9. Writing user awareness messages
Both tools can also generate emails for security awareness campaigns. I gave them both the following message: “Generate an email used for a security awareness campaign. Be funny and sarcastic. Remind people why they shouldn’t click on random emails from random people.”
Gemini wins here: his email is short, has the right tone, and (although humor is subjective) I found it slightly funnier. ChatGPT still generates the right tone and a good email, but I found it a little too long for an outreach email. In any case, both tools do a great job.

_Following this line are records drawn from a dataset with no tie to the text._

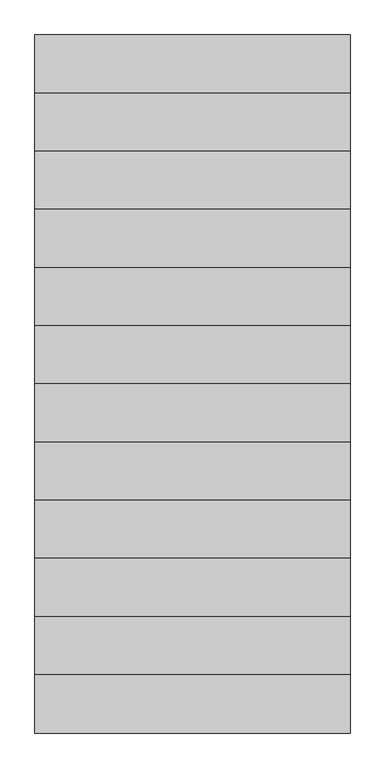
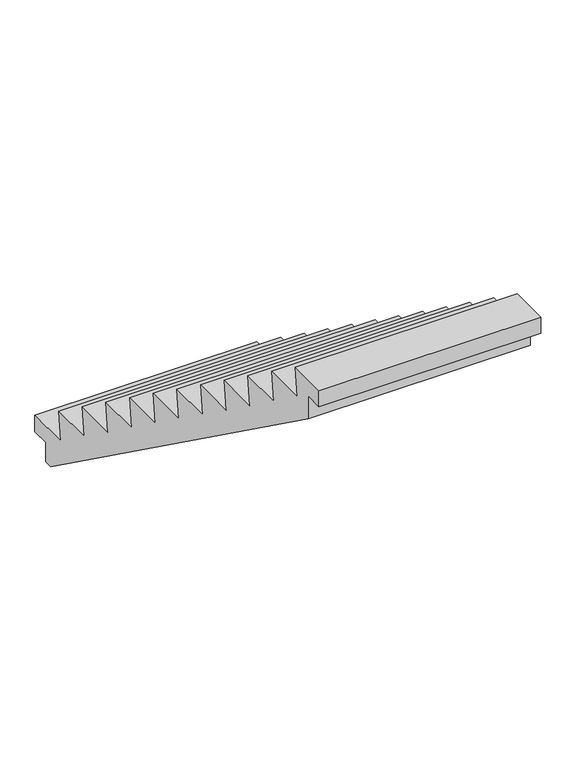
"""IFC4 building model written with IfcOpenShell, lengths in millimetres: proxy geometry, NLRS_24_GM_LB_rechte steektrap prefab-AV_gen_rsf : prefab trap_gen__aant=11 b=1200 a=220 o=172.7 zonder bomen."""

from ifc_helpers import new_model, si_unit, frame, origin, place, context, project, spatial, polyline, outline, extrude, source, transform, mapped, element, save


def generic_models_c6ebb296(model_context):
    return source(origin(), model_context, "Body", "SweptSolid", [
        extrude(outline(polyline([(-2400.0, 1900.0), (-2420.0, 1727.2727273), (-2160.0, 1727.2727273), (-2180.0, 1554.5454545), (-1920.0, 1554.5454545), (-1940.0, 1381.8181818), (-1680.0, 1381.8181818), (-1700.0, 1209.0909091), (-1440.0, 1209.0909091), (-1460.0, 1036.3636364), (-1200.0, 1036.3636364), (-1220.0, 863.6363636), (-960.0, 863.6363636), (-980.0, 690.9090909), (-720.0, 690.9090909), (-740.0, 518.1818182), (-480.0, 518.1818182), (-500.0, 345.4545455), (-240.0, 345.4545455), (-260.0, 172.7272727), (0.0, 172.7272727), (-20.0, 0.0), (240.0, 0.0), (240.0, -100.0), (130.0, -100.0), (130.0, -220.0), (80.254966, -220.0), (-2530.0, 1658.5925892), (-2530.0, 1800.0), (-2640.0, 1800.0), (-2640.0, 1900.0), (-2400.0, 1900.0)])), frame((-650.0, 0.0, 0.0), z_axis=(1.0, 0.0, 0.0), x_axis=(0.0, 1.0, 0.0)), (0.0, 0.0, 1.0), 1300.0),
    ])


if __name__ == "__main__":
    model = new_model("IFC4")
    model_context = context("Model", 3, world=origin())
    ifc_project = project(units=[si_unit("LENGTHUNIT", "METRE", prefix="MILLI")], contexts=[model_context])
    site = spatial("IfcSite", under=ifc_project)
    building = spatial("IfcBuilding", under=site)
    placement = place(None, origin())
    generic_models_shape = generic_models_c6ebb296(model_context)
    element("IfcBuildingElementProxy", 1, Name="NLRS_24_GM_LB_rechte steektrap prefab-AV_gen_rsf : prefab trap_gen__aant=11 b=1200 a=220 o=172.7 zonder bomen", ObjectType="NLRS_24_GM_LB_rechte steektrap prefab-AV_gen_rsf : prefab trap_gen__aant=11 b=1200 a=220 o=172.7 zonder bomen", at=placement, inside=building, context=model_context, shape_type="MappedRepresentation", body=[
        mapped(generic_models_shape, transform((0.0, 0.0, 0.0), x_axis=(1.0, 0.0, 0.0), y_axis=(0.0, 1.0, 0.0), z_axis=(0.0, 0.0, 1.0))),
    ])
    save(model, "model.ifc")

# Revit data of these elements
# Type "NLRS_24_GM_LB_rechte steektrap prefab-AV_gen_rsf : prefab trap_gen__aant=11 b=1200 a=220 o=172.7 zonder bomen"
#   Export Type to IFC As = "IfcStair"
#   Type IfcGUID = "2CEqVLPNH8KRN7ghwV3Z03"
#   Type Comments = " "
#   Model = " "
#   Manufacturer = " "
#   Keynote = " "
#   Description = "rechte steektrap prefab\r\naant=11 b=1200 a=220 o=181,8\r\nzonder bomen"
#   Assembly Code = "24.11"
#   Aantrede onder = 240 mm
#   Width = 1300 mm
#   Wel diepte = 20 mm
#   Trapboom breedte = 0 mm
#   Thickness = 120 mm
#   Optrede onderste trede = 220 mm
#   NLRS_C_lengte = 2400 mm
#   Length = 2880 mm
#   Hoogte oplegnok onder = 100 mm
#   Hoogte oplegnok boven = 100 mm
#   Height = 1900 mm
#   Breedte oplegnok boven = 110 mm
#   BottomCalc = 0 mm
#   Actual Tread Depth = 240 mm
#   Actual Riser Height = 172.727 mm
#   Actual Number of Tread = 10
#   Actual Number of Risers = 11
#   Aantrede boven = 240 mm
#   Aantal treden max dertig = 11
#   Trapboom = no
#   Oplegnok onder = yes
#   NLRS_C_materiaal = NLRS_f2_beton prefab_gen_rsf
#   Default Elevation = 0
# Element 1 (IfcBuildingElementProxy, "NLRS_24_GM_LB_rechte steektrap prefab-AV_gen_rsf : prefab trap_gen__aant=11 b=1200 a=220 o=172.7 zonder bomen")
#   Materials on its faces: "NLRS_f2_beton prefab_gen_rsf"
# Materials
#   "NLRS_f2_beton prefab_gen_rsf": class "F - Niet gebakken kunststeen", colour RGB 129 133 118, transparency 0, Keynote = "f2", Manufacturer = "Revit Standards Foundation", URL = "www.revitstandards.org", Description = "beton prefab", Cost = 0

10. Interpretation of compliance frameworks
If you have a quick question about how to implement a compliance framework, these tools can definitely help. While you may not do this often, they are very helpful when you need them.
If you’ve ever argued with anyone about what constitutes a “significant” change under PCI-DSS and how it should be applied, you’re not alone. I asked each instrument:
“Explain the concept of ‘significant change’ in the context of PCI-DSS. What typically constitutes a significant change? Also list the exact requirements of the standard”
Gemini has the upper hand: it correctly lists the exact requirements of the standard (like 6.4.5 and 6.4.6) and how to interpret whether something represents a significant change. ChatGPT doesn’t mention exactly where this information appears in the standard.
Which AI is better, ChatGPT or Gemini?
Here it is. Depending on your use case, both tools can be a useful ally to increase productivity and help you with daily tasks in the trenches of cybersecurity.